In the case of the Mute swan, Cygnus olor, their population has rapidly spread across much of North America as well as parts of Canada and western Europe. This species of swan has caused much concern for wildlife management as they damage aquatic vegetation, and harass other waterfowl, displacing them. The population of the Mute swan has seen an average increase of around 10-18% per year which further threatens to impact the areas they inhabit. Management of the species comes in a variety of ways. Similar to overpopulated or invasive species, hunting is one of the most effective methods of population control. Other methods may involve trapping, relocation, or euthanasia.

==Criticism==
In natural ecosystems, populations naturally expand until they reach the carrying capacity of the environment; if the resources on which they depend are exhausted, they naturally collapse. According to the animal rights movement, calling this an 'overpopulation' is more an ethics question than a scientific fact. Animal rights organisations are commonly critics of ecological systems and wildlife management. Animal rights activists and locals earning income from commercial hunts counter that scientists are outsiders who do not know wildlife issues, and that any slaughter of animals is evil.

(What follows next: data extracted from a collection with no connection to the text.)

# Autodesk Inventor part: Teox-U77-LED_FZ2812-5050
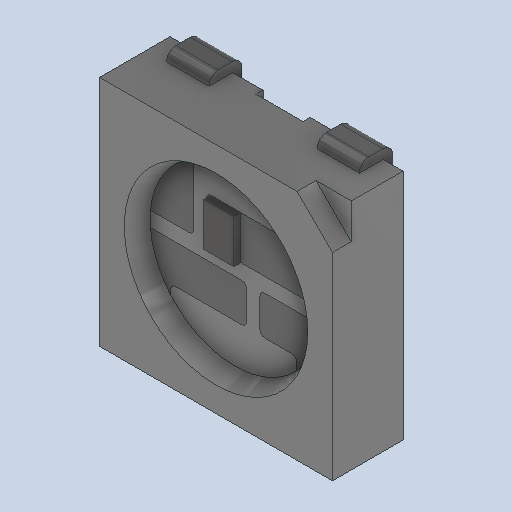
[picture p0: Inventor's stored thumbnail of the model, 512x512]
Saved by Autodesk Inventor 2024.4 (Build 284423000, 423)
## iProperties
Created: 2025-05
Part Number: Teox-U77-LED_FZ2812-5050
Material: Generic
Document SubType Name: Modeling
Designer: AdminForWorker
Density: 1 g/cm^3
Appearance: Default
Title: Teox-U77-LED_FZ2812-5050
Author: AdminForWorker
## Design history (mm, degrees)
feature "Body1"
body "Solid1"
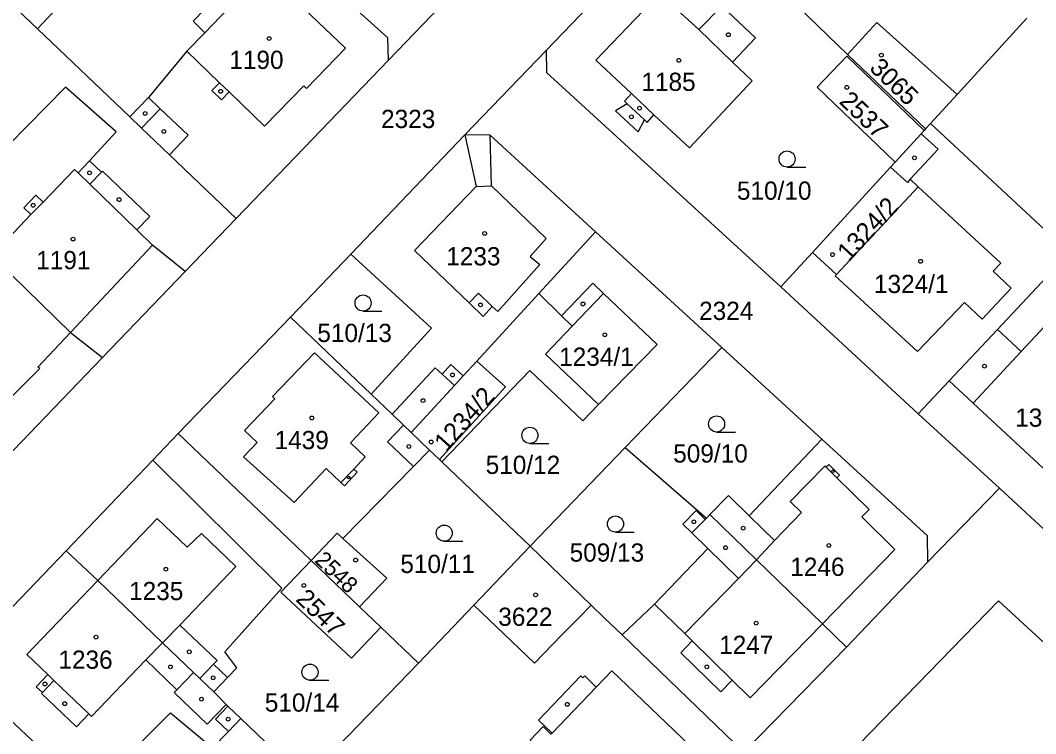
# Model space of a CAD drawing. Extents: x -679220 to -673243, y -1075091 to -1066557.
# Drawn here: x -675883.3 to -675788.6, y -1072056.6 to -1071990 of the extents above; entities that cross this region are included whole.
import ezdxf

# ---------------------------------------------------------------- set-up
doc = ezdxf.new("R2010")
doc.units = 0
for name, color, linetype in [('Hranice parcel', 7, 'Continuous'), ('Parcelní čísla', 7, 'Continuous'), ('Vnitřní kresba', 7, 'Continuous'), ('Značky budov', 7, 'Continuous'), ('Značky kultur', 7, 'Continuous')]:
    doc.layers.add(name, color=color, linetype=linetype)

msp = doc.modelspace()

# ---------------------------------------------------------------- linework, layer by layer
at = {"layer": 'Hranice parcel'}
for p, q in [((-675881.66, -1071990.83), (-675867.2, -1071975.24)), ((-675820.87, -1071978.95), (-675834.25, -1071992.83)), ((-675820.87, -1071978.95), (-675806.12, -1071993.2)), ((-675890.64, -1071982.25), (-675881.66, -1071990.83)), ((-675848.93, -1071993.73), (-675841.54, -1071986.02)), ((-675789.4, -1071989.83), (-675795.92, -1071996.95)), ((-675881.66, -1071990.83), (-675873.06, -1071999.04)), ((-675841.83, -1072000.7), (-675834.25, -1071992.83)), ((-675863.14, -1072008.51), (-675848.93, -1071993.73)), ((-675806.12, -1071993.2), (-675798.85, -1072000.15)), ((-675798.4, -1071999.65), (-675795.92, -1071996.95)), ((-675799, -1072000.3), (-675799.27, -1072000.6)), ((-675798.85, -1072000.15), (-675799, -1072000.3)), ((-675798.4, -1071999.65), (-675798.85, -1072000.15)), ((-675785.46, -1072011.69), (-675798.4, -1071999.65)), ((-675841.83, -1072000.7), (-675852.46, -1072011.83)), ((-675799.27, -1072000.6), (-675801.69, -1072003.25)), ((-675867.89, -1072013.44), (-675863.14, -1072008.51)), ((-675834.92, -1072015.5), (-675829.63, -1072009.75)), ((-675817.86, -1072020.54), (-675829.63, -1072009.75)), ((-675852.46, -1072011.83), (-675858.09, -1072017.72)), ((-675809.41, -1072011.67), (-675812.34, -1072014.87)), ((-675875.62, -1072021.48), (-675867.89, -1072013.44)), ((-675840.71, -1072021.8), (-675834.92, -1072015.5)), ((-675812.34, -1072014.87), (-675799.53, -1072026.71)), ((-675858.09, -1072017.72), (-675868.54, -1072028.55)), ((-675850.57, -1072024.9), (-675858.09, -1072017.72)), ((-675817.86, -1072020.54), (-675826.86, -1072029.88)), ((-675808.52, -1072029.09), (-675817.86, -1072020.54)), ((-675884.7, -1072030.92), (-675875.62, -1072021.48)), ((-675799.53, -1072026.71), (-675791.97, -1072033.67)), ((-675868.54, -1072028.55), (-675870.92, -1072031.05)), ((-675856.15, -1072040.41), (-675868.54, -1072028.55)), ((-675846.83, -1072028.46), (-675845.12, -1072030.1)), ((-675826.86, -1072029.88), (-675835.72, -1072039.08)), ((-675826.86, -1072029.88), (-675819.29, -1072036.44)), ((-675845.12, -1072030.1), (-675844.17, -1072030.98)), ((-675870.92, -1072031.05), (-675878.99, -1072039.49)), ((-675844.17, -1072030.98), (-675843.97, -1072031.2)), ((-675835.72, -1072039.08), (-675843.97, -1072031.2)), ((-675791.97, -1072033.67), (-675798.63, -1072040.54)), ((-675791.97, -1072033.67), (-675786.57, -1072038.64)), ((-675818.97, -1072036.12), (-675819.29, -1072036.44)), ((-675840.97, -1072044.56), (-675835.72, -1072039.08)), ((-675835.72, -1072039.08), (-675830.03, -1072044.56)), ((-675878.99, -1072039.49), (-675889.45, -1072050.36)), ((-675851.64, -1072044.73), (-675856.15, -1072040.41)), ((-675806.24, -1072048.49), (-675798.63, -1072040.54)), ((-675849.65, -1072046.63), (-675851.64, -1072044.73)), ((-675840.97, -1072044.56), (-675846.15, -1072049.98)), ((-675846.15, -1072049.98), (-675849.65, -1072046.63)), ((-675827.14, -1072047.35), (-675815.81, -1072058.29)), ((-675815.81, -1072058.29), (-675806.24, -1072048.49)), ((-675889.45, -1072050.36), (-675878, -1072061.1)), ((-675856.72, -1072060.87), (-675846.15, -1072049.98)), ((-675862.71, -1072055.13), (-675856.72, -1072060.87))]:
    msp.add_line(p, q, dxfattribs=at)
for points in [[(-675858.37, -1071983.2), (-675860.31, -1071985.21), (-675863.53, -1071988.54), (-675864.44, -1071987.66), (-675864.81, -1071988.05), (-675865, -1071987.87), (-675867.17, -1071990.12), (-675866.07, -1071991.18), (-675867.74, -1071992.91), (-675871.32, -1071997.22), (-675873.06, -1071999.04)], [(-675848.93, -1071993.73), (-675849.01, -1071991.65), (-675858.37, -1071983.2)], [(-675826.28, -1071996.85), (-675826.93, -1071997.58), (-675826.68, -1071997.8), (-675827.77, -1071998.48), (-675825.66, -1072000.44), (-675825.06, -1071999.32), (-675824.82, -1071999.54), (-675824.2, -1071998.83), (-675820.87, -1072001.92), (-675815.03, -1071995.66), (-675816.85, -1071993.94), (-675814.7, -1071991.66), (-675817.85, -1071988.7), (-675820, -1071990.89), (-675823.68, -1071987.53), (-675829.61, -1071993.73), (-675826.28, -1071996.85)], [(-675795.92, -1071996.95), (-675803.41, -1071990.22), (-675806.12, -1071993.2)], [(-675834.25, -1071992.83), (-675834.22, -1071994.88), (-675812.34, -1072014.87)], [(-675799, -1072000.3), (-675806.19, -1071993.38), (-675808.95, -1071996.26), (-675801.69, -1072003.25)], [(-675867.89, -1072013.44), (-675870.94, -1072010.99), (-675872.41, -1072009.58), (-675871.2, -1072008.33), (-675875.6, -1072004.09), (-675875.71, -1072004.2), (-675876.81, -1072003.14), (-675874.33, -1072000.43), (-675879.05, -1071996.27), (-675886.17, -1072003.47), (-675888.43, -1072001.12), (-675890.47, -1072003.13), (-675892.63, -1072005.27)], [(-675873.06, -1071999.04), (-675871.96, -1072000.09), (-675869.36, -1072002.57), (-675863.14, -1072008.51)], [(-675829.63, -1072009.75), (-675839.47, -1072000.75), (-675841.83, -1072000.7)], [(-675799.27, -1072000.6), (-675797.69, -1072002.05), (-675800.28, -1072004.85), (-675799.54, -1072005.54), (-675807.16, -1072013.74), (-675809.41, -1072011.67)], [(-675801.69, -1072003.25), (-675802.12, -1072003.71), (-675809.41, -1072011.67)], [(-675892.63, -1072005.27), (-675887.79, -1072010.13), (-675885.95, -1072011.97), (-675885.52, -1072012.38), (-675878.61, -1072019.15), (-675875.62, -1072021.48)], [(-675852.46, -1072011.83), (-675844.93, -1072018.75), (-675850.57, -1072024.9)], [(-675786.65, -1072012.97), (-675792.16, -1072018.85), (-675796.66, -1072023.65), (-675799.53, -1072026.71)], [(-675843.97, -1072031.2), (-675835.75, -1072022.67), (-675830.81, -1072027.37), (-675829.35, -1072025.87), (-675823.89, -1072020.26), (-675828.88, -1072015.5), (-675829.88, -1072014.54), (-675832.82, -1072017.59), (-675834.92, -1072015.5)], [(-675846.83, -1072028.46), (-675842.8, -1072024.08), (-675841.99, -1072023.19), (-675840.71, -1072021.8)], [(-675840.71, -1072021.8), (-675838.04, -1072024.21), (-675844.17, -1072030.98)], [(-675850.57, -1072024.9), (-675848.61, -1072026.77), (-675847.54, -1072027.79), (-675846.83, -1072028.46)], [(-675808.52, -1072029.09), (-675815.3, -1072036.23), (-675817.23, -1072034.34), (-675818.97, -1072036.12)], [(-675798.63, -1072040.54), (-675798.67, -1072038.1), (-675808.52, -1072029.09)], [(-675853.19, -1072038.34), (-675846.6, -1072031.65), (-675845.12, -1072030.1)], [(-675865.22, -1072052.66), (-675863.95, -1072051.33), (-675863.08, -1072050.42), (-675864.21, -1072048.93), (-675858.88, -1072042.99), (-675870.92, -1072031.05)], [(-675819.29, -1072036.44), (-675819.41, -1072036.57), (-675820.26, -1072035.74), (-675821.5, -1072037.01), (-675820.65, -1072037.83), (-675819.16, -1072039.29), (-675824.12, -1072044.48), (-675827.14, -1072047.35)], [(-675818.97, -1072036.12), (-675814.63, -1072040.33), (-675808.47, -1072046.3), (-675806.24, -1072048.49)], [(-675856.15, -1072040.41), (-675853.72, -1072037.86), (-675853.19, -1072038.34)], [(-675851.64, -1072044.73), (-675849.08, -1072042.05), (-675853.19, -1072038.34)], [(-675878.99, -1072039.49), (-675876.06, -1072042.27), (-675870.01, -1072048.07), (-675867.12, -1072050.84), (-675866.53, -1072051.41), (-675865.22, -1072052.66)], [(-675849.65, -1072046.63), (-675852.4, -1072049.5), (-675858.97, -1072043.35), (-675856.15, -1072040.41)], [(-675830.03, -1072044.56), (-675831.19, -1072045.75), (-675832.78, -1072047.34), (-675835.33, -1072049.99), (-675840.97, -1072044.56)], [(-675821.11, -1072113.32), (-675840.72, -1072094.24), (-675792.04, -1072044.17), (-675771.9, -1072062.7)], [(-675827.14, -1072047.35), (-675828.82, -1072045.74), (-675830.03, -1072044.56)], [(-675823.42, -1072061.81), (-675820.11, -1072058.35), (-675828.11, -1072050.7), (-675829.56, -1072052.21), (-675830.64, -1072051.17), (-675830.82, -1072051.35), (-675831.01, -1072051.16), (-675834.96, -1072055.28), (-675833.68, -1072056.5), (-675833.79, -1072056.61), (-675834.53, -1072055.89), (-675835.74, -1072057.15), (-675834.99, -1072057.86), (-675838.36, -1072061.37), (-675834.56, -1072064.99), (-675834.17, -1072064.73), (-675830.03, -1072068.72), (-675826.59, -1072065.18), (-675826.51, -1072065.28), (-675825.7, -1072064.45)], [(-675865.22, -1072052.66), (-675864.08, -1072053.82), (-675863.91, -1072053.98), (-675862.71, -1072055.13)], [(-675876.87, -1072062.17), (-675869.26, -1072054.6), (-675865.34, -1072057.87), (-675863.87, -1072056.34), (-675862.71, -1072055.13)]]:
    msp.add_lwpolyline(points, dxfattribs=at)
at = {"layer": 'Vnitřní kresba'}
for p, q in [((-675866.07, -1071991.18), (-675863.9, -1071988.93)), ((-675856.81, -1071988.95), (-675852.95, -1071992.62)), ((-675820, -1071990.89), (-675816.85, -1071993.94)), ((-675864.69, -1071995.85), (-675867.74, -1071992.91)), ((-675852.95, -1071992.62), (-675856.59, -1071996.39)), ((-675865.4, -1071996.58), (-675864.69, -1071995.85)), ((-675864.51, -1071997.44), (-675865.4, -1071996.58)), ((-675863.8, -1071996.71), (-675864.69, -1071995.85)), ((-675863.8, -1071996.71), (-675864.51, -1071997.44)), ((-675860.49, -1071999.91), (-675863.8, -1071996.71)), ((-675856.85, -1071996.15), (-675860.49, -1071999.91)), ((-675856.59, -1071996.39), (-675856.85, -1071996.15)), ((-675871.32, -1071997.22), (-675870.22, -1071998.27)), ((-675826.28, -1071996.85), (-675824.2, -1071998.83)), ((-675870.22, -1071998.27), (-675871.96, -1072000.09)), ((-675870.22, -1071998.27), (-675867.62, -1072000.75)), ((-675825.06, -1071999.32), (-675826.68, -1071997.8)), ((-675867.62, -1072000.75), (-675869.36, -1072002.57)), ((-675841.83, -1072000.7), (-675840.78, -1072005.51)), ((-675839.34, -1072005.45), (-675839.47, -1072000.75)), ((-675877.88, -1072004.25), (-675876.81, -1072003.14)), ((-675881.15, -1072006.99), (-675878.21, -1072003.93)), ((-675878.21, -1072003.93), (-675877.88, -1072004.25)), ((-675877.88, -1072004.25), (-675876.79, -1072005.31)), ((-675875.71, -1072004.2), (-675876.79, -1072005.31)), ((-675800.55, -1072005.14), (-675802.12, -1072003.71)), ((-675876.79, -1072005.31), (-675872.41, -1072009.58)), ((-675800.28, -1072004.85), (-675800.55, -1072005.14)), ((-675840.78, -1072005.51), (-675846.5, -1072011.49)), ((-675840.78, -1072005.51), (-675839.34, -1072005.45)), ((-675839.34, -1072005.45), (-675834.23, -1072010.38)), ((-675799.54, -1072005.54), (-675791.83, -1072012.66)), ((-675882.95, -1072007.51), (-675881.83, -1072006.34)), ((-675882.28, -1072008.15), (-675881.15, -1072006.99)), ((-675881.83, -1072006.34), (-675881.15, -1072006.99)), ((-675885.95, -1072011.97), (-675882.28, -1072008.15)), ((-675882.28, -1072008.15), (-675882.95, -1072007.51)), ((-675878.61, -1072019.15), (-675870.94, -1072010.99)), ((-675834.23, -1072010.38), (-675835.72, -1072012.05)), ((-675841.43, -1072016.38), (-675846.5, -1072011.49)), ((-675834.84, -1072012.8), (-675838.73, -1072017.19)), ((-675835.72, -1072012.05), (-675834.84, -1072012.8)), ((-675791.83, -1072012.66), (-675792.55, -1072013.43)), ((-675807.16, -1072013.74), (-675807.29, -1072013.87)), ((-675792.55, -1072013.43), (-675790.86, -1072014.99)), ((-675807.29, -1072013.87), (-675799.62, -1072020.91)), ((-675841.43, -1072016.38), (-675840.56, -1072015.48)), ((-675840.56, -1072015.48), (-675839.28, -1072016.7)), ((-675831.81, -1072018.56), (-675828.88, -1072015.5)), ((-675790.86, -1072014.99), (-675793.57, -1072017.91)), ((-675840.12, -1072017.64), (-675841.43, -1072016.38)), ((-675799.62, -1072020.91), (-675795.23, -1072016.33)), ((-675795.23, -1072016.33), (-675793.57, -1072017.91)), ((-675839.28, -1072016.7), (-675840.12, -1072017.64)), ((-675838.73, -1072017.19), (-675839.28, -1072016.7)), ((-675832.82, -1072017.59), (-675831.81, -1072018.56)), ((-675834.3, -1072021.15), (-675831.81, -1072018.56)), ((-675881.63, -1072022.36), (-675878.61, -1072019.15)), ((-675792.16, -1072018.85), (-675789.94, -1072020.91)), ((-675789.94, -1072020.91), (-675787.77, -1072018.57)), ((-675855.83, -1072021.04), (-675859.76, -1072025.11)), ((-675849.84, -1072026.64), (-675855.83, -1072021.04)), ((-675829.35, -1072025.87), (-675834.3, -1072021.15)), ((-675794.41, -1072025.74), (-675789.94, -1072020.91)), ((-675843.95, -1072023.02), (-675843.14, -1072022.13)), ((-675843.14, -1072022.13), (-675841.99, -1072023.19)), ((-675884.88, -1072025.92), (-675881.46, -1072022.51)), ((-675881.46, -1072022.51), (-675881.63, -1072022.36)), ((-675848.61, -1072026.77), (-675844.6, -1072022.42)), ((-675844.6, -1072022.42), (-675843.95, -1072023.02)), ((-675843.95, -1072023.02), (-675842.8, -1072024.08)), ((-675796.66, -1072023.65), (-675794.41, -1072025.74)), ((-675859.54, -1072025.32), (-675859.76, -1072025.11)), ((-675862.36, -1072028.29), (-675859.54, -1072025.32)), ((-675794.41, -1072025.74), (-675787.01, -1072032.6)), ((-675849.84, -1072026.64), (-675852.49, -1072029.43)), ((-675849.03, -1072029.34), (-675847.54, -1072027.79)), ((-675861.2, -1072029.39), (-675862.36, -1072028.29)), ((-675862.47, -1072030.74), (-675861.2, -1072029.39)), ((-675852.49, -1072029.43), (-675851.11, -1072030.74)), ((-675846.6, -1072031.65), (-675849.03, -1072029.34)), ((-675857.75, -1072034.98), (-675862.47, -1072030.74)), ((-675851.11, -1072030.74), (-675852.17, -1072031.87)), ((-675811.48, -1072034.91), (-675808.25, -1072031.6)), ((-675808.14, -1072031.7), (-675808.25, -1072031.6)), ((-675808.14, -1072031.7), (-675807.89, -1072031.45)), ((-675807.12, -1072032.7), (-675808.14, -1072031.7)), ((-675807.89, -1072031.45), (-675806.87, -1072032.45)), ((-675854.76, -1072031.83), (-675857.75, -1072034.98)), ((-675853.38, -1072033.14), (-675854.76, -1072031.83)), ((-675853.38, -1072033.14), (-675852.17, -1072031.87)), ((-675851.85, -1072032.18), (-675853.05, -1072033.45)), ((-675852.17, -1072031.87), (-675851.85, -1072032.18)), ((-675806.87, -1072032.45), (-675807.12, -1072032.7)), ((-675804.12, -1072035.65), (-675807.12, -1072032.7)), ((-675853.05, -1072033.45), (-675853.38, -1072033.14)), ((-675810.43, -1072035.94), (-675811.48, -1072034.91)), ((-675870.52, -1072036.48), (-675876.06, -1072042.27)), ((-675870.52, -1072036.48), (-675867.73, -1072039.15)), ((-675812.94, -1072038.54), (-675815.3, -1072036.23)), ((-675812.94, -1072038.54), (-675810.43, -1072035.94)), ((-675804.8, -1072036.33), (-675804.12, -1072035.65)), ((-675801.72, -1072039.39), (-675804.8, -1072036.33)), ((-675820.65, -1072037.83), (-675819.41, -1072036.57)), ((-675867.73, -1072039.15), (-675866.39, -1072037.88)), ((-675866.39, -1072037.88), (-675863.17, -1072040.95)), ((-675816.3, -1072042.09), (-675819.16, -1072039.29)), ((-675814.63, -1072040.33), (-675812.94, -1072038.54)), ((-675808.47, -1072046.3), (-675801.72, -1072039.39)), ((-675816.3, -1072042.09), (-675814.63, -1072040.33)), ((-675863.17, -1072040.95), (-675868.4, -1072046.42)), ((-675821.32, -1072047.22), (-675816.3, -1072042.09)), ((-675876.06, -1072042.27), (-675882.67, -1072049.18)), ((-675821.32, -1072047.22), (-675824.12, -1072044.48)), ((-675870.01, -1072048.07), (-675868.4, -1072046.42)), ((-675864.93, -1072049.73), (-675868.4, -1072046.42)), ((-675815.22, -1072053.2), (-675808.47, -1072046.3)), ((-675821.69, -1072049), (-675820.62, -1072047.91)), ((-675820.62, -1072047.91), (-675821.32, -1072047.22)), ((-675816.89, -1072051.56), (-675820.62, -1072047.91)), ((-675871.58, -1072049.68), (-675870.01, -1072048.07)), ((-675882.67, -1072049.18), (-675880.71, -1072051.05)), ((-675876.63, -1072054.96), (-675871.58, -1072049.68)), ((-675871.58, -1072049.68), (-675868.68, -1072052.46)), ((-675865.26, -1072050.08), (-675864.93, -1072049.73)), ((-675817.96, -1072052.65), (-675821.69, -1072049)), ((-675866.53, -1072051.41), (-675865.26, -1072050.08)), ((-675863.95, -1072051.33), (-675865.26, -1072050.08)), ((-675880.71, -1072051.05), (-675881.79, -1072052.18)), ((-675881.22, -1072052.72), (-675880.15, -1072051.59)), ((-675880.15, -1072051.59), (-675880.71, -1072051.05)), ((-675876.89, -1072054.7), (-675880.15, -1072051.59)), ((-675868.68, -1072052.46), (-675867.12, -1072050.84)), ((-675816.89, -1072051.56), (-675817.96, -1072052.65)), ((-675815.22, -1072053.2), (-675816.89, -1072051.56)), ((-675881.79, -1072052.18), (-675881.22, -1072052.72)), ((-675868.68, -1072052.46), (-675868.92, -1072052.71)), ((-675833.68, -1072056.5), (-675829.56, -1072052.21)), ((-675881.22, -1072052.72), (-675881.31, -1072052.81)), ((-675881.31, -1072052.81), (-675878.04, -1072055.9)), ((-675868.92, -1072052.71), (-675865.84, -1072055.66)), ((-675865.84, -1072055.66), (-675864.08, -1072053.82)), ((-675863.91, -1072053.98), (-675865.07, -1072055.19)), ((-675878.04, -1072055.9), (-675876.89, -1072054.7)), ((-675876.89, -1072054.7), (-675876.63, -1072054.96)), ((-675865.07, -1072055.19), (-675863.87, -1072056.34))]:
    msp.add_line(p, q, dxfattribs=at)
at = {"layer": 'Značky budov'}
for centre, radius in [((-675860.067, -1071991.729), 0.175), ((-675817.247, -1071991.369), 0.175), ((-675821.857, -1071993.759), 0.175), ((-675802.977, -1071993.279), 0.175), ((-675864.597, -1071996.649), 0.175), ((-675806.197, -1071996.279), 0.175), ((-675871.627, -1071998.709), 0.175), ((-675825.527, -1071998.219), 0.175), ((-675826.287, -1071999.029), 0.175), ((-675869.897, -1072000.389), 0.175), ((-675799.887, -1072002.849), 0.175), ((-675876.817, -1072004.249), 0.175), ((-675882.077, -1072007.279), 0.175), ((-675874.067, -1072006.749), 0.175), ((-675839.977, -1072009.899), 0.175), ((-675878.357, -1072010.429), 0.175), ((-675807.527, -1072011.879), 0.175), ((-675799.317, -1072012.499), 0.175), ((-675840.357, -1072016.569), 0.175), ((-675830.807, -1072016.479), 0.175), ((-675828.767, -1072019.349), 0.175), ((-675793.357, -1072022.279), 0.175), ((-675842.977, -1072023.099), 0.175), ((-675845.717, -1072025.489), 0.175), ((-675856.097, -1072027.109), 0.175), ((-675847.037, -1072029.769), 0.175), ((-675844.957, -1072029.349), 0.175), ((-675852.635, -1072032.669), 0.117), ((-675807.495, -1072032.079), 0.117), ((-675820.457, -1072036.789), 0.175), ((-675815.867, -1072037.389), 0.175), ((-675817.507, -1072039.209), 0.175), ((-675807.867, -1072038.999), 0.175), ((-675852.007, -1072040.359), 0.175), ((-675869.697, -1072041.219), 0.175), ((-675856.827, -1072042.729), 0.175), ((-675835.217, -1072043.609), 0.175), ((-675814.647, -1072046.249), 0.175), ((-675876.217, -1072047.549), 0.175), ((-675867.517, -1072048.919), 0.175), ((-675869.277, -1072050.329), 0.175), ((-675819.247, -1072050.319), 0.175), ((-675865.287, -1072051.339), 0.175), ((-675880.977, -1072051.919), 0.175), ((-675879.137, -1072053.759), 0.175), ((-675866.387, -1072053.339), 0.175), ((-675832.267, -1072053.819), 0.175), ((-675863.887, -1072055.199), 0.175)]:
    msp.add_circle(centre, radius, dxfattribs=at)
at = {"layer": 'Značky kultur'}
for p, q in [((-675811.773, -1072003.71), (-675810.023, -1072003.71)), ((-675851.313, -1072017.14), (-675849.563, -1072017.14)), ((-675818.343, -1072028.42), (-675816.593, -1072028.42)), ((-675835.753, -1072029.48), (-675834.003, -1072029.48)), ((-675827.773, -1072037.75), (-675826.023, -1072037.75)), ((-675843.743, -1072038.6), (-675841.993, -1072038.6)), ((-675856.263, -1072051.57), (-675854.513, -1072051.57))]:
    msp.add_line(p, q, dxfattribs=at)
for centre in [(-675811.773, -1072002.96), (-675851.313, -1072016.39), (-675818.343, -1072027.67), (-675835.753, -1072028.73), (-675827.773, -1072037), (-675843.743, -1072037.85), (-675856.263, -1072050.82)]:
    msp.add_circle(centre, 0.75, dxfattribs=at)

# ---------------------------------------------------------------- texts
at = {"layer": 'Parcelní čísla'}
for s, p in [('1190', (-675863.784, -1071994.56)), ('1185', (-675825.354, -1071996.61)), ('2323', (-675849.634, -1072000.07)), ('510/10', (-675816.447, -1072006.759)), ('1191', (-675881.794, -1072013.239)), ('1233', (-675843.554, -1072012.88)), ('1324/1', (-675803.667, -1072015.46)), ('2324', (-675819.974, -1072017.97)), ('510/13', (-675855.577, -1072020.029)), ('1234/1', (-675833.027, -1072022.249)), ('1323', (-675790.494, -1072027.93)), ('1439', (-675859.564, -1072030.019)), ('509/10', (-675822.387, -1072031.269)), ('510/12', (-675839.877, -1072032.33)), ('509/13', (-675832.047, -1072040.509)), ('510/11', (-675847.837, -1072041.57)), ('1246', (-675811.474, -1072041.84)), ('1235', (-675873.134, -1072044.1)), ('3622', (-675838.704, -1072046.499)), ('1247', (-675818.104, -1072049.12)), ('1236', (-675879.724, -1072050.499)), ('510/14', (-675860.477, -1072054.499))]:
    msp.add_text(s, height=1.7, dxfattribs=at).set_placement(p)
for s, height, rotation, p in [('3065', 1.7, 316, (-675804.179, -1071994.585)), ('2537', 1.7, 316, (-675806.999, -1071997.685)), ('1324/2', 1.7, 47, (-675806.01, -1072012.596)), ('1234/2', 1.7, 48, (-675843.569, -1072030.352)), ('2548', 1.5, 316, (-675855.908, -1072040.476)), ('2547', 1.7, 316, (-675857.679, -1072044.105))]:
    msp.add_text(s, height=height, rotation=rotation, dxfattribs=at).set_placement(p)

doc.saveas('drawing.dxf')

Various case studies indicate that use of cattle as 'natural grazers' in many European nature parks due to absence of hunting, culling or natural predators (such as wolves), may cause an overpopulation because the cattle do not migrate. This has the effect of reducing plant biodiversity, as the cattle consume native plants. Because such cattle populations begin to starve and die in the winter as available forage drops, this has caused animal rights activists to advocate supplemental feeding, which has the effect of exacerbating the ecological effects, causing nitrification and eutrophication due to excess faeces, deforestation as trees are destroyed, and biodiversity loss.

Despite the ecological effects of overpopulation, wildlife managers may want such high populations in order to satisfy public enjoyment of seeing wild animals. Others contend that introducing large predators such as lynx and wolves may have similar economic benefits, even if tourists rarely actually catch glimpses of such creatures.

In regards to population size, most of the methods used give estimates that vary in accuracy to the actual size and density of the population. Criticisms of theses methods generally fall onto the efficacy of methods used.

== Human overpopulation ==

Overpopulation can result from an increase in births, a decline in mortality rates against the background of high fertility rates. It is possible for very sparsely populated areas to be overpopulated if the area has a meagre or non-existent capability to sustain life (e.g. a desert). Advocates of population moderation cite issues like quality of life and risk of starvation and disease and human pressures on the environment as a basis to argue against continuing high human population growth and for population decline.